For a 2d case, you need an empty face for front and back. In your 0 files, is this "tb"?

Quote:

If I increase dt, the solution is no longer stable. That is why I used a small dt.

You should increase dt or Co in a way that Co<≈1, not Co<<1. If your simulation setup (mesh/BC/solvers etc.) is fine, both will lead to stable behaviour.
Your Co numbers do look stable, but with Co≈10e-5 the simulation will last for ages. Thus, set e.g. maxCo=0.5. Openfoam will adjust dt accordingly on the run.

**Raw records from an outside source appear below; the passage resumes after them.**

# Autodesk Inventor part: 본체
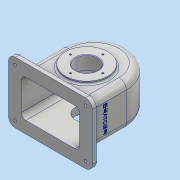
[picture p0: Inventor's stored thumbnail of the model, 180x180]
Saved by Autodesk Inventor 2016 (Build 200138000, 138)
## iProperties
Created: 2018-11
Part Number: 본체
Material: 알루미늄 6061
Document SubType Name: Modeling
Designer: user
Density: 2.7 g/cm^3
Appearance: 알루미늄 - 평지
Mass: 1092.08 g
Surface Area: 1182.21 cm^2
Volume: 404.475 cm^3
Author: user
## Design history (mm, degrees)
sketch "스케치1"
  geometry: L1 (-75, 55)-(75, 55); L2 (75, 55)-(75, -55); L3 (75, -55)-(-75, -55); L4 (-75, -55)-(-75, 55); L5 (-75, 55)-(75, -55); L6 (75, 55)-(-75, -55); 1 further point
  constraints: 12 end point, 2 midpoint, 2 parallel, 1 horizontal, 1 perpendicular
  dimensions: "d0" = 150 distance of L2.end L3.end; "d1" = 110 distance of L1.end L2.end
extrude "돌출1" new body sketch "스케치1" distance "d2" = 10; taper "d3" = 0 deg
node "작업 평면1"
sketch "스케치2"
  geometry: L1 (0, 10)-(150, 10) reference; L2 (133, 10)-(133, 78); L3 (17, 10)-(17, 78); L4 (150, 0)-(0, 0) reference; A1 r 58 centre (75, 78) between (133, 78) and (17, 78); 2 further points
  constraints: 4 end point, 2 horizontal alignment, 2 point on circle, 2 point on line, 2 vertical, 1 centre point, 1 midpoint, 1 vertical alignment
  dimensions: "d5" = 78 distance from line of L2.end L4; "d6" = 58 radius of A1
extrude "돌출2" join sketch "스케치2" distance "d7" = 77; taper "d8" = 0 deg
feature "쉘3" dims "d23" = 10, "d24" = 6, "d25" = 5
sketch "스케치3"
  geometry: L1 (-150, 10)-(0, 10) reference; L2 (0, 0)-(-150, 0) reference; C1 r 38 at (-75, 65); 2 further points
  constraints: 1 centre point, 1 midpoint, 1 vertical alignment
  dimensions: "d11" = 76 diameter of C1; "d12" = 65 distance from line of L2 C1.centre
extrude "돌출3" join sketch "스케치3" distance "d13" = 5; taper "d14" = 0 deg
sketch "스케치4"
  geometry: L1 (0, 10)-(150, 10) reference; L2 (150, 0)-(0, 0) reference; C1 r 38 at (75, 65); 2 further points
  constraints: 1 centre point, 1 midpoint, 1 vertical alignment
  dimensions: "d15" = 76 diameter of C1; "d16" = 65 distance from line of L2 C1.centre
extrude "돌출4" join sketch "스케치4" distance "d17" = 10; taper "d18" = 0 deg
sketch "스케치5"
  geometry: L1 (-75, -78)-(75, -78) reference; L2 (-58, -68)-(58, -68) reference; C1 r 28 at (0, -13); 2 further points
  constraints: 1 centre point, 1 midpoint, 1 vertical alignment
  dimensions: "d26" = 56 diameter of C1; "d27" = 65 distance from line of C1.centre L1
extrude "돌출5" join sketch "스케치5" distance "d28" = 14; taper "d29" = 0 deg
feature "면 기울기1" dims angle "d30" = 40 deg
sketch "스케치6"
  geometry: C1 r 20 at (0, 0); C2 r 38 at (0, 0) reference; 1 further point
  constraints: 1 centre point, 1 concentric
  dimensions: "d31" = 40 diameter of C1
extrude "돌출6" cut sketch "스케치6" stored distance "d32" = 14; taper "d33" = 0 deg
node "작업 평면2"
sketch "스케치7"
  geometry: L1 (38, 43.5)-(-38, 43.5) reference; L2 (75, 55)-(75, -55) reference; C1 r 6 at (0, 0); 1 further point
  constraints: 1 centre point
  dimensions: "d35" = 12 diameter of C1; "d36" = 43.5 distance from line of C1.centre L1; "d37" = 75 distance from line of C1.centre L2
extrude "돌출7" join sketch "스케치7" stored distance "d38" = 10; taper "d39" = 0 deg
sketch "스케치8"
  geometry: C1 r 6 at (0, 0) reference; 1 further point
hole "구멍1" sketch "스케치8" at (0, 0) diameter "d42" = 4.459; stored, may be unused: countersink angle "d46" = 90 deg, drill point angle "d48" = 118 deg; dims "d43" = 100, "d44" = 4, "d45" = 2, "d47" = 12.8
sketch "스케치9" dims "d49" = 58
  geometry: C1 r 38 at (0, 0) reference; 3 further points
  constraints: 2 horizontal alignment, 3 other
hole "구멍2" sketch "스케치9" at (-29, 0) diameter "d50" = 3.242; stored, may be unused: countersink angle "d54" = 90 deg, drill point angle "d56" = 118 deg; dims "d51" = 8, "d52" = 4, "d53" = 2, "d55" = 10
sketch "스케치10" dims "d60" = 58
  geometry: C1 r 20 at (0, 0) reference; 3 further points
  constraints: 2 horizontal alignment, 3 other
hole "구멍3" sketch "스케치10" at (-29, 0) diameter "d61" = 3.242; stored, may be unused: countersink angle "d65" = 90 deg, drill point angle "d67" = 118 deg; dims "d62" = 8, "d63" = 4, "d64" = 2, "d66" = 10
fillet "모깎기1" dims "d71" = 12
sketch "스케치11"
  geometry: A1 r 12 centre (-63, 43) between (-63, 55) and (-75, 43) reference; A2 r 12 centre (63, 43) between (75, 43) and (63, 55) reference; A3 r 12 centre (63, -43) between (63, -55) and (75, -43) reference; A4 r 12 centre (-63, -43) between (-75, -43) and (-63, -55) reference; 1 further point
hole "구멍4" sketch "스케치11" at (-63, -43), (63, -43), (63, 43), (-63, 43) diameter "d72" = 12; stored, may be unused: countersink angle "d76" = 90 deg, drill point angle "d78" = 0 deg; dims "d73" = 8, "d74" = 4, "d75" = 2, "d77" = 4
sketch "스케치12"
  geometry: C1 r 6 at (-63, 43) reference; C2 r 6 at (63, 43) reference; C3 r 6 at (-63, -43) reference; C4 r 6 at (63, -43) reference; 1 further point
hole "구멍5" sketch "스케치12" at (-63, 43), (-63, -43), (63, -43), (63, 43) diameter "d79" = 5; stored, may be unused: countersink angle "d83" = 90 deg, drill point angle "d85" = 0 deg; dims "d80" = 8, "d81" = 4, "d82" = 2, "d84" = 4
fillet "모깎기2" dims "d86" = 13
fillet "모깎기3" dims "d87" = 8
fillet "모깎기4" dims "d88" = 3
chamfer "모따기1" distance "d89" = 1; stored, may be unused: second distance "d90" = 2, angle "d91" = 45 deg
sketch "스케치13"
  geometry: L1 (68.5, -78)-(-17.5, -78) reference; L2 (-13, 0)-(-13, -65) reference; 2 further points
  constraints: 1 other
  dimensions: "d93" = 40 distance from line of L1 point (25.5, -38); "d94" = 38.5 distance from line of point (25.5, -38) L2
feature "엠보싱1" sketch "스케치13" dims "d0" = 150, "d1" = 110, "d95" = 0.5, "d96" = 0
feature "면 기울기3" dims angle "d97" = 5 deg
fillet "모깎기6" dims "d98" = 3
node "솔리드1"
pattern_circular "원형 패턴1" dims angle "d58" = 360 deg
pattern_circular "원형 패턴2" dims angle "d69" = 360 deg
node "투영된 루프1"
node "투영된 루프2"
node "투영된 루프3"
other parameters: "d4" = -93.5, "d34" = -142

If this doesn't work, there are some last resorts:
-Further increase mesh resolution, especially locally near corners
-Try a more basic solver and increase the complexity step by step, for example: pimpleFoam-->rhoPimpleFoam-->buoyantBoussinesqPimpleFoam-->buoyantPimpleFoam
Doing this, you can easier detect where the error is located.
-I have noticed in your logfile that the simulation does not solve for rho. Maybe this is an error source, on which you can do some research.

[rl3418]

Yep, tb are the empty faces.

I don't think buoyantPimpleFoam solves for rho. I modified the inputs under the 0/ folder based on openfoam/tutorials/heatTransfer/buoyantPimpleFoam/hotRoom. I don't think a rho input is defined. I guess I'll try different solvers. I think I've tried a similar flow into vacuum with sonicfoam, and that did work. I guess I'll try with simpler solvers and see what happens.